Now that she had undressed, she explained her strategy more fully to Charles. “What are we here for?” she demanded rhetorically. “We are here to make love. Who makes love with clothes on if they can be taken off?”
“If you wish to help me, you will get up and start undressing yourself too!”
Her tone had been sharp and insistent. She needed him to understand that every moment mattered.
Brousse still had not grasped Betty’s plan, but he trusted her. He took off his jacket, undid his tie, and had removed his shirt. He was unfastening his belt when the door opened.
A bright cone of light scanned the room, coming to a sudden halt when it focused on Betty. The light held steady, illuminating her nakedness.
“Oh, la la,” said Betty in a voice more playful than shocked. She tried to cover herself with her hands, but her modesty was half-hearted and deliberately careless. She wanted the watchman to get a good, long look. Regardless of any suspicions that had been previously brewing, it was important that he now understood the couple had entered the embassy with only one thing on their feverish minds.

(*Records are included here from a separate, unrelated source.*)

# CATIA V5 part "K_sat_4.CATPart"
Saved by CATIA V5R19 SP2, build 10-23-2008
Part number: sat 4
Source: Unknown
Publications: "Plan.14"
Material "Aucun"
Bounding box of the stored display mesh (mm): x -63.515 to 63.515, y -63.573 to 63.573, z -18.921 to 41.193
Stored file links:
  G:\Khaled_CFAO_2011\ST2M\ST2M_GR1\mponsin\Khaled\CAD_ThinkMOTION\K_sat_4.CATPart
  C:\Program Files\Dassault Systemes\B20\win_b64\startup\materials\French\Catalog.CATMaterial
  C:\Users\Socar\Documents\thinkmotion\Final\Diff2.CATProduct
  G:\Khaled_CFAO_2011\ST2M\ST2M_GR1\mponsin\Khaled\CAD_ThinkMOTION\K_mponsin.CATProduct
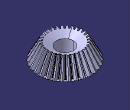
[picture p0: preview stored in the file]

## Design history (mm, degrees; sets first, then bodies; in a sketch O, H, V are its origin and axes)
Parameters
  Z1 = 30 {= External.Zs}
  delta = 26.5651 deg {= atan(External.Zs /External.Zp )}
  a = 20 deg
  m = 4 mm {= External.Module}
  ld = 44.7214 mm {= m *Z1 /(3*2*sin(delta ))}
  dZ = 0 mm
  p = 12.5664 mm {= m * PI}
  rp = 60 mm {= m * Z1 / 2}
  rc = 67.082 mm {= rp / cos( delta )}
  rb = 63.0365 mm {= rc * cos( a )}
  lc = 150 mm {= rc / sin( delta )}
  ha = 4 mm {= m}
  hf = 5 mm {= 1.25 * m}
  rr = 1.4608 mm {= Set2.Offset * 0.7763}
  tc = -0.7576 deg
  ratio = 0.666667 {= 1 - ld / lc / cos( delta )}
External parameters (linked from other documents)
  External.Zp = 60
  External.Zs = 30
  External.Module = 4 mm
Intersect1 "coin de fond": ToIntersect1 Project1, ToIntersect2 Circle4
Point1: type OnCurve, Support Line7, Length 5 {= hf}
Set1 "cones primitifs"
  Line1 "Axe Z": stored without definition
  Point2 "sommet arriere": (0, 0, -30 {= dZ - rp * tan( delta )})
  Point3 "sommet avant": type OnCurve, Support Line1, RefPoint Point2, Length 150 {= lc}
  Line2: type PtPt, FirstPoint Point2, SecondPoint Point3
  Line3: type Angle, RefPoint Point3, Curve Line2, Support zx-plane, Start 0, End 134.1641 {= lc * cos( delta )}, Angle -26.5651 {= -delta}
  Line4: type PtPt, FirstPoint Point2, SecondPoint vertex of Line3, Start 0
  Plane1 "plan_primitif": type OffsetPt, RefPlane xy-plane, RefPoint vertex of Line3
  Intersect2: ToIntersect1 Plane1, ToIntersect2 Line2
  Circle1 "arc primitif": type CtrPt, Start 0, End 30, Center Intersect2, Support Plane1, RefPoint vertex of Line3
  Circle2 "cercle primitif": type CtrRad, Start 0, End 90, Center Intersect2, Support Plane1, Radius 60 {= rp}, FirstDirection (1, 0, 0)
Set2 "profil dent"
  Point4 "point 0": type OnPlane, Support Plane2, RefPoint Point2, H 63.0365, V 0, Direction (1, 0, 0)
  Point5 "point 1": type OnPlane, Support Plane2, RefPoint Point2, H 66.0709, V 0.6451, Direction (1, 0, 0)
  Point6 "point 2": type OnPlane, Support Plane2, RefPoint Point2, H 74.278, V 5.0092, Direction (1, 0, 0)
  Point7 "point 3": type OnPlane, Support Plane2, RefPoint Point2, H 85.116, V 16.077, Direction (1, 0, 0)
  Curve1: Elements (Point4; Point5; Point6; Point7)
  Extrapol1: ToExtrapol Point4, Support Curve1, Length 8 {= 2 * m}
  Plane2: type Normal, Curve Line3, RefPoint Point2
  Symmetry1: Reference vertex of Line3, ToTransfor Point2
  Line5: type PtPt, FirstPoint Point2, SecondPoint Symmetry1
  Point8: type OnCurve, Support Line5, Ratio 0.25
  Line6: type PtPt, FirstPoint Point8, SecondPoint vertex of Line5
  Revol1: Element1 Line6, Line Line1, Angle1 0
  Project1: ToProject Extrapol1, Support Revol1, Direction Line3
  Intersect3: ToIntersect1 Circle1, ToIntersect2 Project1
  Plane3 "plan contact": type 1Line1Pt, RefPoint Intersect3, Line Line1
  Circle3 "cercle primitif": type CtrPt, Start 3 {= 90deg / Z1}, End -3 {= -90deg / Z1}, Center Intersect2, Support Plane1, RefPoint Intersect3
  Plane4 "plan median": type 1Line1Pt, RefPoint vertex of Circle3, Line Line1
  Line7 "droite debut": type PtPt, FirstPoint vertex of Circle3, SecondPoint Point2
  Plane5 "plan_fond": type OffsetPt, RefPlane xy-plane, RefPoint Point1
  Intersect4: ToIntersect1 Plane5, ToIntersect2 Line2
  Circle4 "cercle de fond": type CtrPt, Start 0, End 30, Center Intersect4, Support Plane5, RefPoint Point1
  Point9: type OnCurve, Support Line7, Length -4 {= -ha}
  Plane6 "plan_tete": type OffsetPt, RefPlane xy-plane, RefPoint Point9
  Intersect5: ToIntersect1 Plane6, ToIntersect2 Line2
  Circle5 "cercle de tete": type CtrPt, Start 0, End 30, Center Intersect5, Support Plane6, RefPoint Point9
  Split1 "segment flanc": ToCut Project1, Cutting Plane5
  Split2 "segment fond": ToCut Circle4, Cutting Project1
  Corner1: Element1 Split1, Element2 Split2, Support Revol1, Radius 1.4301 {= Set2.Offset * 0.76}
  Symmetry2: Reference Plane4, ToTransfor Corner1
  Trim1: Element1 Corner1, Element2 Circle5
  Trim2: Element1 Trim1, Element2 Symmetry2
Set3 "surface dent"
  Point10 "fin denture": type OnCurve, Support Line3, Length 44.7214 {= ld}
  Scaling1: Reference Point3, Ratio 0.666667 {= ratio}, ToTransfor Trim2
  Line8: type PtPt, FirstPoint vertex of Scaling1, SecondPoint Point1
  Line9: type PtPt, FirstPoint vertex of Scaling1, SecondPoint vertex of Trim2
  Loft1: Sections (Trim2; Scaling1), Guides (Line8; Line9)
  CircPattern1: of Loft1, instances 30 {= Z1}, angular step 12 {= 360.0*1 deg/CircPattern1.AngularNumber}, axis from Line2
Set4 "flanc dent"
  CircPattern2: of Trim2, instances 30 {= Z1}, angular step 12 {= 360.0*1 deg/CircPattern2.AngularNumber}, axis from Line2
  Join1: Elements (CircPattern2; Trim2)
  Split3: ToCut Revol1, Cutting Join1
  Scaling2: Reference Point3, Ratio 0.666667 {= ratio}, ToTransfor Split3
  Fill1: Boundary edge of Scaling2
  Join2: Elements (Split3; CircPattern1; Scaling2; Fill1; Loft1)
  Plane7: type 1Curve, Element1 edge [face of Shaft1 from Sketch1.L2 | face of Shaft2]
Body1 (main body)
  Sketch1 on zx-plane, origin (0, 0, 0), H (-1, 0, 0), V (0, 0, 1)
    point P1 (-30, -15)
    line L1 (0, 0) -> (0, -18.9213)
    line L2 (0, -18.9213) -> (-30, -18.9213)
    line L3 (-30, -18.9213) -> (-30, -15)
    reference projected point E1 (-30, -15) from Point8
    line L4 (-30, -15) -> (-60, 0)
    point P5 (-60, 0)
    line L5 (0, 0) -> (-60, 0)
    reference projected point E2 (-60, 0) from vertex of Line4
    horizontal: L2 H, L5 H
    vertical: L1 V, L3 V
    coincidence: P1 E1, L1 V, P5 E2
  Shaft1: profile Sketch1, axis Line1, angle 360
  CloseSurface1: CloseElement Join2
  Sketch2 on xy-plane, origin (0, 0, 0), H (1, 0, 0), V (0, 1, 0)
    circle A1 centre (0, 0) radius 20
    radius A1 = 20
  Pocket1: profile Sketch2, direction (0, 0, 1), through (limit type 6), opposite side through (limit type 6)
  Body2
    Sketch3 on zx-plane, origin (0, 0, 0), H (-1, 0, 0), V (0, 0, 1)
      line L1 (0, -30) -> (333.9525, -10)
      point P1 (0, -30)
      point P2 (333.9525, -10)
      line L2 (333.9525, -10) -> (30, -10)
      point P3 (333.9525, -10)
      line L3 (30, -10) -> (30, -20)
      line L4 (30, -20) -> (0, -20)
      point P6 (0, -20)
      line L5 (0, -20) -> (0, -30)
      reference projected point E1 (0, -30) from Point2
      length L3 = 10
      length L4 = 30
      distance L2 H = 10
      length L2 = 303.9525
      coincidence: P1 V, P3 L1, P6 V, P2 P3, P1 E1
      horizontal: L2 H, L4 H
      vertical: L3 V, L5 V
    Shaft2: profile Sketch3, axis Sketch3.L5, angle 360
  Remove1: tool Body2

“I beg your pardon a thousand times, Madame,” muttered the watchman as he finally extinguished the flashlight. Flustered, he hurried off, closing the door firmly behind him.
A peal of triumph in her voice, Betty told Charles, “There was method in my madness.”
The two lovers then went to the window and, using a flashlight, signaled the safecracker to enter through the window. The safe opened on the first try. On the ground, an OSS man, who held a ladder for the safecracker, took the code books and scurried off.
The copying of the code books was completed and they were returned by the OSS man at 4:30—just minutes before the cleaning crews would arrive to clean the offices. The codebooks were placed back in the safe and the lovers strode out of the embassy as if they didn’t have a care in the world. They went back to her hotel where the OSS men had all of the copies of the codebooks in hand. Days later they were in the hands of the British intelligence codebreakers at Bletchley Park.
The English and Americans soon used the Vichy codes to their advantage. Most importantly, in the upcoming invasion of North Africa, called “Operation Torch.” More than 30,000 Allied assault troops landed on beaches east and west of Algiers, relying on intelligence gleaned from the Vichy’s decoded messages.
After the North Africa invasion, Pack would work for both British intelligence and the OSS, but none of her subsequent work would have the intrigue of her standing nude in an office, wearing only pearls and high heels while stealing a foreign government’s codes.
Epilogue
Life wasn’t kind to any of the major players in this story. Arthur Pack committed suicide in 1945. Brousse divorced his wife and he and Betty Pack married. In what should have been a storybook finish, the two moved to the Château de Castelnou, a French medieval castle in the commune of Castelnou in the Pyrénées Alps.
But Pack would die of throat cancer in 1963. Several years later, Brousse would die of electrocution—killed by his electric blanket. Much of the castle was damaged in the resultant fire.
Pack never felt remorse or shame from her methods of garnering information. In her obituary, it was written, “She used sex like James Bond uses a Beretta.” She was quoted after the war in an interview saying she was motivated by patriotism:
“Ashamed? Not in the least. My superiors told me that the results of my work saved thousands of British and American lives…It involved me in situations from which ‘respectable’ women draw back—but mine was total commitment. Wars are not won by respectable methods.”
There is a film in the works about Pack and her exploits, and reportedly Jennifer Lawrence is set to play the auburn-haired beauty.